River near Aquara, Italy by richoman_europe, on Flickr



River near Aquara, Italy by richoman_europe, on Flickr







Next we went to Malta to see my mums side of the family.
its a very nice place with some amazing beaches and grottos !




St. Pauls Bay by richoman_europe, on Flickr

Blue lagoon was amazing !




Blue Lagoon, Comino by richoman_europe, on Flickr



Blue Lagoon, Comino by richoman_europe, on Flickr



Small cave near Comino by richoman_europe, on Flickr



Blue Grotto




Blue Grotto by richoman_europe, on Flickr



Blue Grotto by richoman_europe, on Flickr


We stopped at Gozo for a couple of days




Xlendi, Gozo by richoman_europe, on Flickr

and a shot of me and my little cousin




Me and my cousin by richoman_europe, on Flickr








Now the interesting stuff !
HERPS !

as i mentioned before unfortunately i didnt get much time to herp, most of the stuff is found on family members farms

and sorry for the bad quality pics as i only had a point and shoot !!


Turtle in fish farm




Turtle at a fish farm by richoman_europe, on Flickr

Italian Wall Lizards were found nearly on every ruin and stone house in Italy




Italian Wall Lizard (Podarcis siculus) by richoman_europe, on Flickr



Italian Wall Lizard (Podarcis siculus) by richoman_europe, on Flickr



Italian Wall Lizard (Podarcis siculus) by richoman_europe, on Flickr



Italian Wall Lizard (Podarcis siculus) by richoman_europe, on Flickr




Moorish Gecko were found alot, during the day and night !




Moorish Gecko (Tarentola mauritanica) by richoman_europe, on Flickr

this one was from Gozo




Moorish Gecko (Tarentola mauritanica) by richoman_europe, on Flickr


A snake that got away in pompeii !




Snake that got away ! by richoman_europe, on Flickr

This Common Toad was found in a well at one of my dads uncles farm, it was MASSIVE




Common Toad (Bufo bufo) by richoman_europe, on Flickr

Italian Stream Frogs were found in stony creeks, these were actually hard to find




Italian Stream Frog (Rana italica) by richoman_europe, on Flickr



Italian Stream Frog (Rana italica) by richoman_europe, on Flickr


and my favourite find in Italy, a European Green Lizard, these things were STUNNING !

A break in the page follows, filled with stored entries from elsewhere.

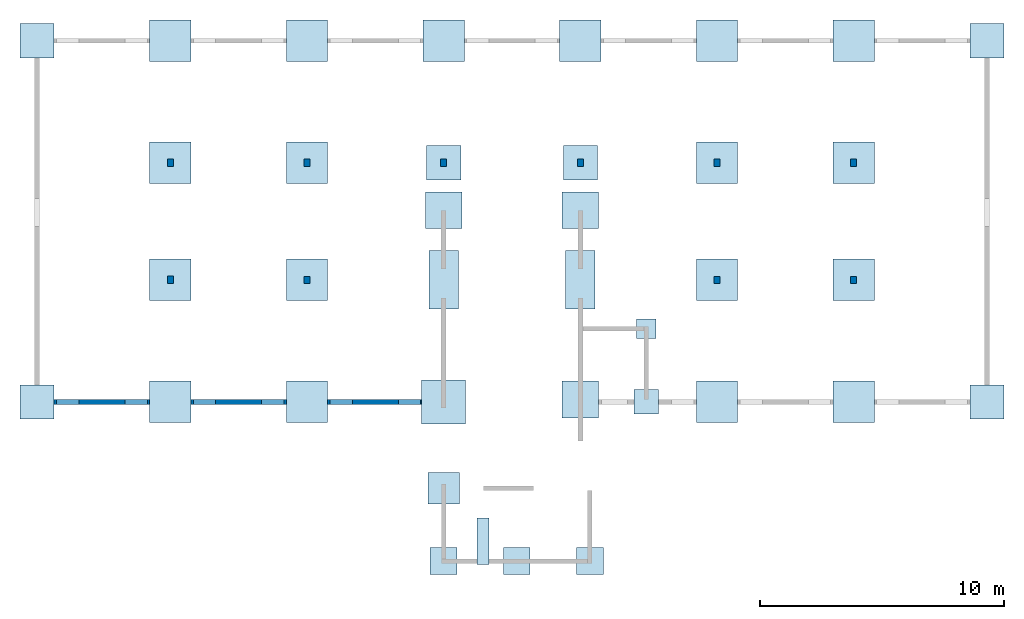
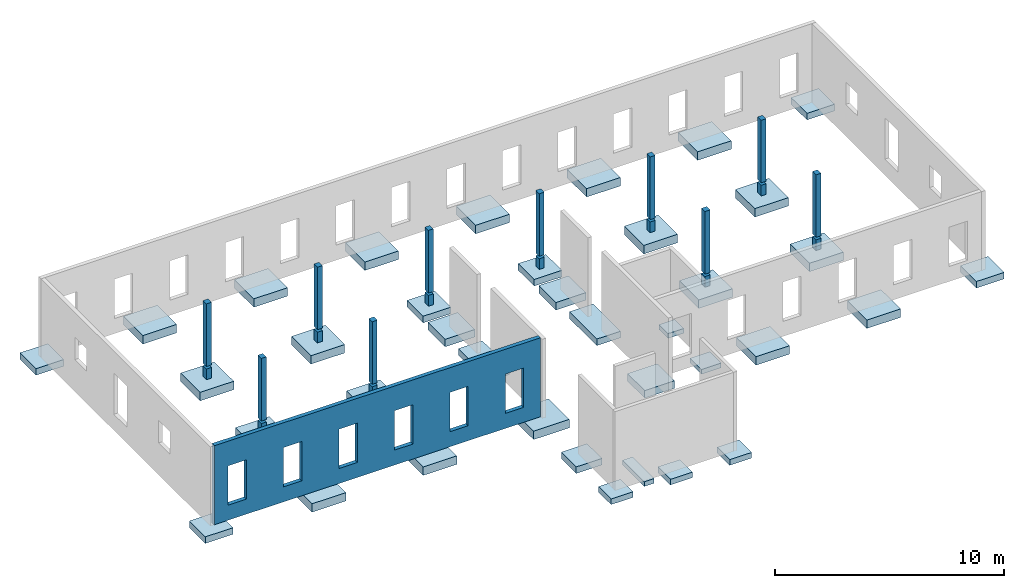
# One storey, part 1 of 2: 37 slabs, 10 columns, 1 wall, 6 openings.
"""IFC2X3 building model written with IfcOpenShell, lengths in metres."""

from ifc_helpers import new_model, entity, si_unit, converted_unit, derived_unit, direction, frame, frame_2d, origin, origin_2d_with_axis, place, context, subcontext, project, spatial, rectangle, extrude, source, transform, mapped, material, layer, layer_set, layer_usage, type_object, type_shapes, element, save


model = new_model("IFC2X3")

# Units and contexts
model_context = context("Model", 3, precision=1e-05, world=origin(), true_north=direction((6.12303176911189e-17, 1.0)))
context_of_model = context(None, 3, precision=1e-05, world=origin(), true_north=direction((6.12303176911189e-17, 1.0)))
body_context = subcontext(model_context, "Body", "Model", "MODEL_VIEW")
ifc_project = project(units=[si_unit("LENGTHUNIT", "METRE"), si_unit("AREAUNIT", "SQUARE_METRE"), si_unit("VOLUMEUNIT", "CUBIC_METRE"), converted_unit("PLANEANGLEUNIT", "DEGREE", entity("IfcRatioMeasure", 0.0174532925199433), si_unit("PLANEANGLEUNIT", "RADIAN"), dimensions=[0, 0, 0, 0, 0, 0, 0]), si_unit("MASSUNIT", "GRAM", prefix="KILO"), si_unit("TIMEUNIT", "SECOND"), si_unit("FREQUENCYUNIT", "HERTZ"), si_unit("THERMODYNAMICTEMPERATUREUNIT", "DEGREE_CELSIUS"), derived_unit("THERMALTRANSMITTANCEUNIT", [(si_unit("MASSUNIT", "GRAM", prefix="KILO"), 1), (si_unit("THERMODYNAMICTEMPERATUREUNIT", "KELVIN"), -1), (si_unit("TIMEUNIT", "SECOND"), -3)]), derived_unit("VOLUMETRICFLOWRATEUNIT", [(si_unit("LENGTHUNIT", "METRE"), 3), (si_unit("TIMEUNIT", "SECOND"), -1)]), si_unit("ELECTRICCURRENTUNIT", "AMPERE"), si_unit("ELECTRICVOLTAGEUNIT", "VOLT"), si_unit("POWERUNIT", "WATT"), si_unit("FORCEUNIT", "NEWTON"), si_unit("ILLUMINANCEUNIT", "LUX"), si_unit("LUMINOUSFLUXUNIT", "LUMEN"), si_unit("LUMINOUSINTENSITYUNIT", "CANDELA"), si_unit("PRESSUREUNIT", "PASCAL")], contexts=[model_context, context_of_model])

# Site, building, storey
site_placement = place(None, origin())
site = spatial("IfcSite", under=ifc_project, at=site_placement, Name="Default", CompositionType="ELEMENT")
building_placement = place(site_placement, origin())
building = spatial("IfcBuilding", under=site, at=building_placement, Name="BATIMENT 1", CompositionType="ELEMENT")
storey_placement = place(building_placement, frame((0.0, 0.0, -0.7)))
storey = spatial("IfcBuildingStorey", under=building, at=storey_placement, Name="Fondations", CompositionType="ELEMENT", Elevation=-0.7)

# Columns
ifc_material = material(Name="AEC Béton, C25/30")
column_type_1 = type_object("IfcColumnType", Name="BG 0.25 x 0.30 C25/30", PredefinedType="COLUMN", material=ifc_material)
shared_shape_1 = source(origin(), body_context, "Body", "SweptSolid", [
    extrude(rectangle(XDim=0.249999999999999, YDim=0.3, at=origin_2d_with_axis()), frame((-14.2036530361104, 3.48253761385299, -0.7), z_axis=(0.0, 0.0, 1.0), x_axis=(-1.0, 0.0, 0.0)), (0.0, 0.0, 1.0), 0.57),
    extrude(rectangle(XDim=0.3, YDim=0.249999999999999, at=origin_2d_with_axis()), frame((-14.2036530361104, 3.48253761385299, 0.0), z_axis=(0.0, 0.0, 1.0), x_axis=(0.0, -1.0, 0.0)), (0.0, 0.0, 1.0), 3.34),
])
type_shapes(column_type_1, [shared_shape_1])
column_1_placement = place(storey_placement, frame((0.0, 0.0, 0.7)))
element("IfcColumn", 1, at=column_1_placement, inside=storey, type_object=column_type_1, material=ifc_material, Name="Béton - Rectangulaire - Poteau:BG 0.25 x 0.30 C25/30", ObjectType="BG 0.25 x 0.30 C25/30", context=body_context, shape_type="MappedRepresentation", body=[
    mapped(shared_shape_1, transform((0.0, 0.0, 0.0), scale=1.0)),
])
column_type_2 = type_object("IfcColumnType", Name="BG 0.25 x 0.30 C25/30", PredefinedType="COLUMN", material=ifc_material)
shared_shape_2 = source(origin(), body_context, "Body", "SweptSolid", [
    extrude(rectangle(XDim=0.249999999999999, YDim=0.3, at=origin_2d_with_axis()), frame((-8.60365303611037, 3.48253761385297, -0.7), z_axis=(0.0, 0.0, 1.0), x_axis=(-1.0, 0.0, 0.0)), (0.0, 0.0, 1.0), 0.57),
    extrude(rectangle(XDim=0.3, YDim=0.249999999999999, at=frame_2d((-5.41233724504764e-16, 0.0), x_axis=(1.0, 0.0))), frame((-8.60365303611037, 3.48253761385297, 0.0), z_axis=(0.0, 0.0, 1.0), x_axis=(0.0, -1.0, 0.0)), (0.0, 0.0, 1.0), 3.34),
])
type_shapes(column_type_2, [shared_shape_2])
column_2_placement = place(storey_placement, frame((0.0, 0.0, 0.7)))
element("IfcColumn", 2, at=column_2_placement, inside=storey, type_object=column_type_2, material=ifc_material, Name="Béton - Rectangulaire - Poteau:BG 0.25 x 0.30 C25/30", ObjectType="BG 0.25 x 0.30 C25/30", context=body_context, shape_type="MappedRepresentation", body=[
    mapped(shared_shape_2, transform((0.0, 0.0, 0.0), scale=1.0)),
])
column_type_3 = type_object("IfcColumnType", Name="BG 0.25 x 0.30 C25/30", PredefinedType="COLUMN", material=ifc_material)
shared_shape_3 = source(origin(), body_context, "Body", "SweptSolid", [
    extrude(rectangle(XDim=0.25, YDim=0.3, at=frame_2d((2.70616862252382e-16, 0.0), x_axis=(1.0, 0.0))), frame((-3.00365303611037, 3.48253761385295, -0.7), z_axis=(0.0, 0.0, 1.0), x_axis=(-1.0, 0.0, 0.0)), (0.0, 0.0, 1.0), 0.57),
    extrude(rectangle(XDim=0.3, YDim=0.25, at=frame_2d((0.0, -2.70616862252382e-16), x_axis=(1.0, 0.0))), frame((-3.00365303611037, 3.48253761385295, 0.0), z_axis=(0.0, 0.0, 1.0), x_axis=(0.0, -1.0, 0.0)), (0.0, 0.0, 1.0), 3.34),
])
type_shapes(column_type_3, [shared_shape_3])
column_3_placement = place(storey_placement, frame((0.0, 0.0, 0.7)))
element("IfcColumn", 3, at=column_3_placement, inside=storey, type_object=column_type_3, material=ifc_material, Name="Béton - Rectangulaire - Poteau:BG 0.25 x 0.30 C25/30", ObjectType="BG 0.25 x 0.30 C25/30", context=body_context, shape_type="MappedRepresentation", body=[
    mapped(shared_shape_3, transform((0.0, 0.0, 0.0), scale=1.0)),
])
column_type_4 = type_object("IfcColumnType", Name="BG 0.25 x 0.30 C25/30", PredefinedType="COLUMN", material=ifc_material)
shared_shape_4 = source(origin(), body_context, "Body", "SweptSolid", [
    extrude(rectangle(XDim=0.25, YDim=0.3, at=frame_2d((2.70616862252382e-16, -5.41233724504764e-16), x_axis=(1.0, 0.0))), frame((2.59634696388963, 3.48253761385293, -0.7), z_axis=(0.0, 0.0, 1.0), x_axis=(-1.0, 0.0, 0.0)), (0.0, 0.0, 1.0), 0.57),
    extrude(rectangle(XDim=0.3, YDim=0.25, at=frame_2d((0.0, -2.70616862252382e-16), x_axis=(1.0, 0.0))), frame((2.59634696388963, 3.48253761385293, 0.0), z_axis=(0.0, 0.0, 1.0), x_axis=(0.0, -1.0, 0.0)), (0.0, 0.0, 1.0), 3.34),
])
type_shapes(column_type_4, [shared_shape_4])
column_4_placement = place(storey_placement, frame((0.0, 0.0, 0.7)))
element("IfcColumn", 4, at=column_4_placement, inside=storey, type_object=column_type_4, material=ifc_material, Name="Béton - Rectangulaire - Poteau:BG 0.25 x 0.30 C25/30", ObjectType="BG 0.25 x 0.30 C25/30", context=body_context, shape_type="MappedRepresentation", body=[
    mapped(shared_shape_4, transform((0.0, 0.0, 0.0), scale=1.0)),
])
column_type_5 = type_object("IfcColumnType", Name="BG 0.25 x 0.30 C25/30", PredefinedType="COLUMN", material=ifc_material)
shared_shape_5 = source(origin(), body_context, "Body", "SweptSolid", [
    extrude(rectangle(XDim=0.249999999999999, YDim=0.3, at=origin_2d_with_axis()), frame((8.19634696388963, 3.48253761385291, -0.7), z_axis=(0.0, 0.0, 1.0), x_axis=(-1.0, 0.0, 0.0)), (0.0, 0.0, 1.0), 0.57),
    extrude(rectangle(XDim=0.3, YDim=0.249999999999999, at=origin_2d_with_axis()), frame((8.19634696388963, 3.48253761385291, 0.0), z_axis=(0.0, 0.0, 1.0), x_axis=(0.0, -1.0, 0.0)), (0.0, 0.0, 1.0), 3.34),
])
type_shapes(column_type_5, [shared_shape_5])
column_5_placement = place(storey_placement, frame((0.0, 0.0, 0.7)))
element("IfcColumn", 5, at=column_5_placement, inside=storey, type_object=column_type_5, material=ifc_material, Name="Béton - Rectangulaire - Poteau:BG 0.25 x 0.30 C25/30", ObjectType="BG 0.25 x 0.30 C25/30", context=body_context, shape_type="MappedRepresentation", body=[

European Green Lizard (Lacerta viridis) by richoman_europe, on Flickr


Now on to Malta !

Painted Frog




Mediterranean Painted Frog (Discoglossus pictus) by richoman_europe, on Flickr

Levant Water Frog (introduced to Gozo)




Levant Water Frog (Pelophylax bedriagae) by richoman_europe, on Flickr

Maltese Wall Lizards were just as quick as the Italian ones!




Maltese Wall Lizard (Podarcis filfolensis) by richoman_europe, on Flickr



Maltese Wall Lizard (Podarcis filfolensis) by richoman_europe, on Flickr



Maltese Wall Lizard (Podarcis filfolensis) by richoman_europe, on Flickr




Ocellated Skinks were a common find after you found your first few




Ocellated Skink (Chalcides ocellatus) by richoman_europe, on Flickr



Ocellated Skink (Chalcides ocellatus) by richoman_europe, on Flickr



Ocellated Skink (Chalcides ocellatus) by richoman_europe, on Flickr




Unfortunate looking one !



Ocellated Skink (Chalcides ocellatus) by richoman_europe, on Flickr

some got quite big



Ocellated Skink (Chalcides ocellatus) by richoman_europe, on Flickr

Turkish Gecko (found on the last day to tick off all malta's lizards!)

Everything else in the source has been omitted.